To classify all tables in a schema and set system tags on each column in each table contained in the schema, complete the following steps in Snowsight:

  1. Trigger the classification and tagging of tables in the schema:

    1. In Snowsight, use the object explorer to navigate to the schema that you selected.

    2. Select the More menu (), and then select Classify and Tag Sensitive Data.

    3. Select a warehouse if a warehouse is not already in use.

    4. Select the tables that you want to classify. By default, tables are not selected.

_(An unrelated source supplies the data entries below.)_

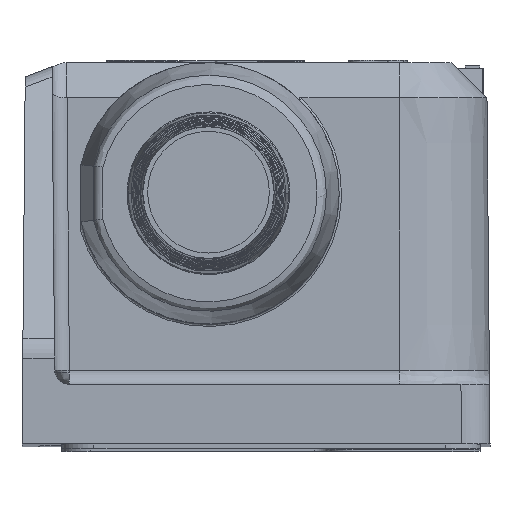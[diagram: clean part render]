
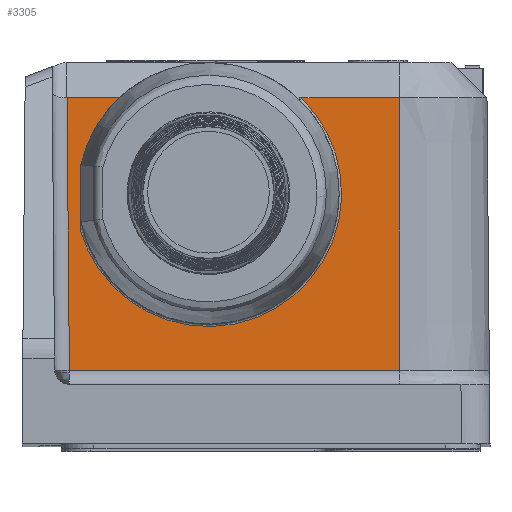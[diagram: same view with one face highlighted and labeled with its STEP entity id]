
A CAD part, top view. The second image highlights one B-rep face of the part: STEP entity #3305.
In plain terms, the highlighted planar face has unit normal (0, 0.009, 1).
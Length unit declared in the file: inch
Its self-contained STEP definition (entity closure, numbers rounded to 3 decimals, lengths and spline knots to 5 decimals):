
#3095 = EDGE_CURVE ( 'NONE', #3096, #3100, #11947, .T. ) ;
#3096 = VERTEX_POINT ( 'NONE', #11941 ) ;
#3100 = VERTEX_POINT ( 'NONE', #11895 ) ;
#3102 = EDGE_CURVE ( 'NONE', #3103, #3100, #11893, .T. ) ;
#3103 = VERTEX_POINT ( 'NONE', #11845 ) ;
#3229 = VERTEX_POINT ( 'NONE', #12611 ) ;
#3277 = EDGE_CURVE ( 'NONE', #3426, #3427, #13022, .T. ) ;
#3284 = VERTEX_POINT ( 'NONE', #13157 ) ;
#3305 = ADVANCED_FACE ( 'NONE', ( #13248 ), #13002, .T. ) ;
#3306 = EDGE_LOOP ( 'NONE', ( #3307, #3320, #3433, #3435, #3436, #3437, #3338, #3339 ) ) ;
#3307 = ORIENTED_EDGE ( 'NONE', *, *, #3445, .F. ) ;
#3320 = ORIENTED_EDGE ( 'NONE', *, *, #3277, .T. ) ;
#3338 = ORIENTED_EDGE ( 'NONE', *, *, #3102, .T. ) ;
#3339 = ORIENTED_EDGE ( 'NONE', *, *, #3095, .F. ) ;
#3395 = VERTEX_POINT ( 'NONE', #13653 ) ;
#3398 = EDGE_CURVE ( 'NONE', #3229, #3284, #13721, .T. ) ;
#3418 = EDGE_CURVE ( 'NONE', #3395, #3284, #13867, .T. ) ;
#3426 = VERTEX_POINT ( 'NONE', #13856 ) ;
#3427 = VERTEX_POINT ( 'NONE', #13855 ) ;
#3433 = ORIENTED_EDGE ( 'NONE', *, *, #3434, .T. ) ;
#3434 = EDGE_CURVE ( 'NONE', #3427, #3395, #21341, .T. ) ;
#3435 = ORIENTED_EDGE ( 'NONE', *, *, #3418, .T. ) ;
#3436 = ORIENTED_EDGE ( 'NONE', *, *, #3398, .F. ) ;
#3437 = ORIENTED_EDGE ( 'NONE', *, *, #3438, .T. ) ;
#3438 = EDGE_CURVE ( 'NONE', #3229, #3103, #21513, .T. ) ;
#3445 = EDGE_CURVE ( 'NONE', #3426, #3096, #20079, .T. ) ;
#11845 = CARTESIAN_POINT ( 'NONE',  ( -0.30486, 0.15573, 0.81064 ) ) ;
#11848 = DIRECTION ( 'NONE',  ( 1., 0., 0. ) ) ;
#11890 = VECTOR ( 'NONE', #11848, 39.37008 ) ;
#11891 = CARTESIAN_POINT ( 'NONE',  ( 0.39547, 0.15573, 0.81064 ) ) ;
#11893 = LINE ( 'NONE', #11891, #11890 ) ;
#11895 = CARTESIAN_POINT ( 'NONE',  ( 0.3895, 0.15573, 0.81064 ) ) ;
#11941 = CARTESIAN_POINT ( 'NONE',  ( 0.3895, 0.72937, 0.80563 ) ) ;
#11942 = DIRECTION ( 'NONE',  ( 0., -1., 0.009 ) ) ;
#11944 = VECTOR ( 'NONE', #11942, 39.37008 ) ;
#11945 = CARTESIAN_POINT ( 'NONE',  ( 0.3895, -19645.66929, 172.25716 ) ) ;
#11947 = LINE ( 'NONE', #11945, #11944 ) ;
#12611 = CARTESIAN_POINT ( 'NONE',  ( -0.30987, 0.72937, 0.80563 ) ) ;
#12998 = DIRECTION ( 'NONE',  ( 0., -1., 0.009 ) ) ;
#12999 = DIRECTION ( 'NONE',  ( 0., 0.009, 1. ) ) ;
#13000 = CARTESIAN_POINT ( 'NONE',  ( -1.44884, 0., 0.812 ) ) ;
#13001 = AXIS2_PLACEMENT_3D ( 'NONE', #13000, #12999, #12998 ) ;
#13002 = PLANE ( 'NONE',  #13001 ) ;
#13020 = CARTESIAN_POINT ( 'NONE',  ( 0.18201, 0.72937, 0.80563 ) ) ;
#13022 = B_SPLINE_CURVE_WITH_KNOTS ( 'NONE', 3,
 ( #13020, #13109, #13108, #13107, #13106, #13105, #13104, #13103, #13102, #13101, #13100, #13099, #13098, #13097, #13096, #13095, #13094, #13155, #13154, #13153, #13152, #13151, #13150, #13149, #13148, #13147, #13146, #13145, #13144, #13143, #13142, #13141, #13140, #13139, #13138, #13137, #13136, #13135, #13134, #13133 ),
 .UNSPECIFIED., .F., .F.,
 ( 4, 1, 2, 2, 2, 2, 2, 2, 2, 2, 2, 2, 2, 2, 2, 2, 2, 1, 2, 2, 4 ),
 ( 0., 0.03125, 0.04688, 0.0625, 0.125, 0.1875, 0.25, 0.3125, 0.375, 0.4375, 0.5, 0.5625, 0.625, 0.6875, 0.75, 0.8125, 0.875, 0.90625, 0.92188, 0.9375, 1. ),
 .UNSPECIFIED. ) ;
#13094 = CARTESIAN_POINT ( 'NONE',  ( 0.21205, 0.35933, 0.80886 ) ) ;
#13095 = CARTESIAN_POINT ( 'NONE',  ( 0.23506, 0.39541, 0.80855 ) ) ;
#13096 = CARTESIAN_POINT ( 'NONE',  ( 0.2444, 0.41456, 0.80838 ) ) ;
#13097 = CARTESIAN_POINT ( 'NONE',  ( 0.25865, 0.45492, 0.80803 ) ) ;
#13098 = CARTESIAN_POINT ( 'NONE',  ( 0.26341, 0.47568, 0.80785 ) ) ;
#13099 = CARTESIAN_POINT ( 'NONE',  ( 0.26815, 0.51823, 0.80748 ) ) ;
#13100 = CARTESIAN_POINT ( 'NONE',  ( 0.26808, 0.53953, 0.80729 ) ) ;
#13101 = CARTESIAN_POINT ( 'NONE',  ( 0.26306, 0.58203, 0.80692 ) ) ;
#13102 = CARTESIAN_POINT ( 'NONE',  ( 0.25817, 0.60277, 0.80674 ) ) ;
#13103 = CARTESIAN_POINT ( 'NONE',  ( 0.24366, 0.64301, 0.80639 ) ) ;
#13104 = CARTESIAN_POINT ( 'NONE',  ( 0.2342, 0.6621, 0.80622 ) ) ;
#13105 = CARTESIAN_POINT ( 'NONE',  ( 0.21964, 0.6846, 0.80603 ) ) ;
#13106 = CARTESIAN_POINT ( 'NONE',  ( 0.21666, 0.68893, 0.80599 ) ) ;
#13107 = CARTESIAN_POINT ( 'NONE',  ( 0.2104, 0.6975, 0.80591 ) ) ;
#13108 = CARTESIAN_POINT ( 'NONE',  ( 0.20063, 0.71008, 0.8058 ) ) ;
#13109 = CARTESIAN_POINT ( 'NONE',  ( 0.18975, 0.72186, 0.8057 ) ) ;
#13133 = CARTESIAN_POINT ( 'NONE',  ( -0.28087, 0.44808, 0.80808 ) ) ;
#13134 = CARTESIAN_POINT ( 'NONE',  ( -0.27467, 0.42741, 0.80827 ) ) ;
#13135 = CARTESIAN_POINT ( 'NONE',  ( -0.26632, 0.40785, 0.80844 ) ) ;
#13136 = CARTESIAN_POINT ( 'NONE',  ( -0.25318, 0.38479, 0.80864 ) ) ;
#13137 = CARTESIAN_POINT ( 'NONE',  ( -0.25038, 0.38017, 0.80868 ) ) ;
#13138 = CARTESIAN_POINT ( 'NONE',  ( -0.24458, 0.37121, 0.80876 ) ) ;
#13139 = CARTESIAN_POINT ( 'NONE',  ( -0.23551, 0.35805, 0.80888 ) ) ;
#13140 = CARTESIAN_POINT ( 'NONE',  ( -0.22535, 0.34572, 0.80898 ) ) ;
#13141 = CARTESIAN_POINT ( 'NONE',  ( -0.20358, 0.32218, 0.80919 ) ) ;
#13142 = CARTESIAN_POINT ( 'NONE',  ( -0.18743, 0.30828, 0.80931 ) ) ;
#13143 = CARTESIAN_POINT ( 'NONE',  ( -0.152, 0.28424, 0.80952 ) ) ;
#13144 = CARTESIAN_POINT ( 'NONE',  ( -0.13313, 0.27437, 0.80961 ) ) ;
#13145 = CARTESIAN_POINT ( 'NONE',  ( -0.09318, 0.25898, 0.80974 ) ) ;
#13146 = CARTESIAN_POINT ( 'NONE',  ( -0.07256, 0.25364, 0.80979 ) ) ;
#13147 = CARTESIAN_POINT ( 'NONE',  ( -0.03018, 0.2477, 0.80984 ) ) ;
#13148 = CARTESIAN_POINT ( 'NONE',  ( -0.00888, 0.24716, 0.80984 ) ) ;
#13149 = CARTESIAN_POINT ( 'NONE',  ( 0.03375, 0.25098, 0.80981 ) ) ;
#13150 = CARTESIAN_POINT ( 'NONE',  ( 0.05461, 0.25528, 0.80977 ) ) ;
#13151 = CARTESIAN_POINT ( 'NONE',  ( 0.09528, 0.26865, 0.80966 ) ) ;
#13152 = CARTESIAN_POINT ( 'NONE',  ( 0.11462, 0.27756, 0.80958 ) ) ;
#13153 = CARTESIAN_POINT ( 'NONE',  ( 0.1512, 0.29979, 0.80938 ) ) ;
#13154 = CARTESIAN_POINT ( 'NONE',  ( 0.16803, 0.31286, 0.80927 ) ) ;
#13155 = CARTESIAN_POINT ( 'NONE',  ( 0.19861, 0.34279, 0.80901 ) ) ;
#13157 = CARTESIAN_POINT ( 'NONE',  ( -0.19979, 0.72937, 0.80563 ) ) ;
#13248 = FACE_OUTER_BOUND ( 'NONE', #3306, .T. ) ;
#13648 = DIRECTION ( 'NONE',  ( 1., 0., 0. ) ) ;
#13649 = VECTOR ( 'NONE', #13648, 39.37008 ) ;
#13653 = CARTESIAN_POINT ( 'NONE',  ( -0.28087, 0.58804, 0.80687 ) ) ;
#13720 = CARTESIAN_POINT ( 'NONE',  ( -0.0075, 0.72937, 0.80563 ) ) ;
#13721 = LINE ( 'NONE', #13720, #13649 ) ;
#13761 = CARTESIAN_POINT ( 'NONE',  ( -0.19979, 0.72937, 0.80563 ) ) ;
#13763 = CARTESIAN_POINT ( 'NONE',  ( -0.22018, 0.71036, 0.8058 ) ) ;
#13765 = CARTESIAN_POINT ( 'NONE',  ( -0.23726, 0.68885, 0.80599 ) ) ;
#13766 = CARTESIAN_POINT ( 'NONE',  ( -0.2648, 0.64084, 0.80641 ) ) ;
#13783 = CARTESIAN_POINT ( 'NONE',  ( -0.27476, 0.61522, 0.80663 ) ) ;
#13784 = CARTESIAN_POINT ( 'NONE',  ( -0.28087, 0.58804, 0.80687 ) ) ;
#13855 = CARTESIAN_POINT ( 'NONE',  ( -0.28087, 0.44808, 0.80808 ) ) ;
#13856 = CARTESIAN_POINT ( 'NONE',  ( 0.18201, 0.72937, 0.80563 ) ) ;
#13867 = B_SPLINE_CURVE_WITH_KNOTS ( 'NONE', 3,
 ( #13784, #13783, #13766, #13765, #13763, #13761 ),
 .UNSPECIFIED., .F., .F.,
 ( 4, 2, 4 ),
 ( 0., 0.5, 1. ),
 .UNSPECIFIED. ) ;
#20079 = B_SPLINE_CURVE_WITH_KNOTS ( 'NONE', 3,
 ( #20136, #20135, #20146, #20144 ),
 .UNSPECIFIED., .F., .F.,
 ( 4, 4 ),
 ( 0., 1. ),
 .UNSPECIFIED. ) ;
#20135 = CARTESIAN_POINT ( 'NONE',  ( 0.25117, 0.72937, 0.80563 ) ) ;
#20136 = CARTESIAN_POINT ( 'NONE',  ( 0.18201, 0.72937, 0.80563 ) ) ;
#20144 = CARTESIAN_POINT ( 'NONE',  ( 0.3895, 0.72937, 0.80563 ) ) ;
#20146 = CARTESIAN_POINT ( 'NONE',  ( 0.32034, 0.72937, 0.80563 ) ) ;
#21338 = DIRECTION ( 'NONE',  ( 0., 1., -0.009 ) ) ;
#21339 = VECTOR ( 'NONE', #21338, 39.37008 ) ;
#21340 = CARTESIAN_POINT ( 'NONE',  ( -0.28087, 0., 0.812 ) ) ;
#21341 = LINE ( 'NONE', #21340, #21339 ) ;
#21508 = DIRECTION ( 'NONE',  ( 0.009, -1., 0.009 ) ) ;
#21509 = VECTOR ( 'NONE', #21508, 39.37008 ) ;
#21511 = CARTESIAN_POINT ( 'NONE',  ( -0.30451, 0.11578, 0.81099 ) ) ;
#21513 = LINE ( 'NONE', #21511, #21509 ) ;

    5. Evaluate the Advanced Options and select them as needed:

      • The Auto-tagging data option enables you to automatically assign tags to columns after classifying data. This option is enabled by default and you can disable it if needed.

      • The Include custom classifiers option enables you to use the custom classifiers you can access to classify data.

        To determine the custom classifiers you can access, select View custom classifiers and run the command in the worksheet.

  2. Select Classify and Tag Sensitive Data.

    You can select this option to reclassify a table that was classified previously.

    Snowsight classifies up to 1000 tables.

    Alternatively, you can open a Worksheet and call the SYSTEM$CLASSIFY_SCHEMA as shown in Using SQL to asynchronously classify tables in a schema. If you choose this option, navigate back to the schema in the object explorer after calling this stored procedure. Be mindful about the number of times you call this stored procedure in a relatively short time period. For more information, see the usage notes.

  3. Allow the classification process to complete. When complete, a green checkmark appears in the CLASSIFICATION column.

  4. Select View Results.

  5. Change the tag value as needed. To do this, use a role that is granted IMPORTED PRIVILEGES on the SNOWFLAKE database.

  6. Follow the prompts to review and approve tables in the schema. Update the tag values as needed.

  7. Select Complete classification.

  8. The Tables tab displays Classification results reviewed and applied. You can confirm the tag assignments by doing the following:

    1. Select the table.

    2. Navigate to the Columns tab.

    3. Review the TAGS column.

    Alternatively, you can do the following:

    1. Use a worksheet to call the TAG_REFERENCES_ALL_COLUMNS Information Schema table function to view the tag assignments for a columns in particular table. For other options, see Tracking system tags.

    2. Review the Account Usage DATA_CLASSIFICATION_LATEST view records by either navigating to the view using the object explorer or querying the view in a worksheet.

  9. Repeat these steps for other schemas that contain tables to classify.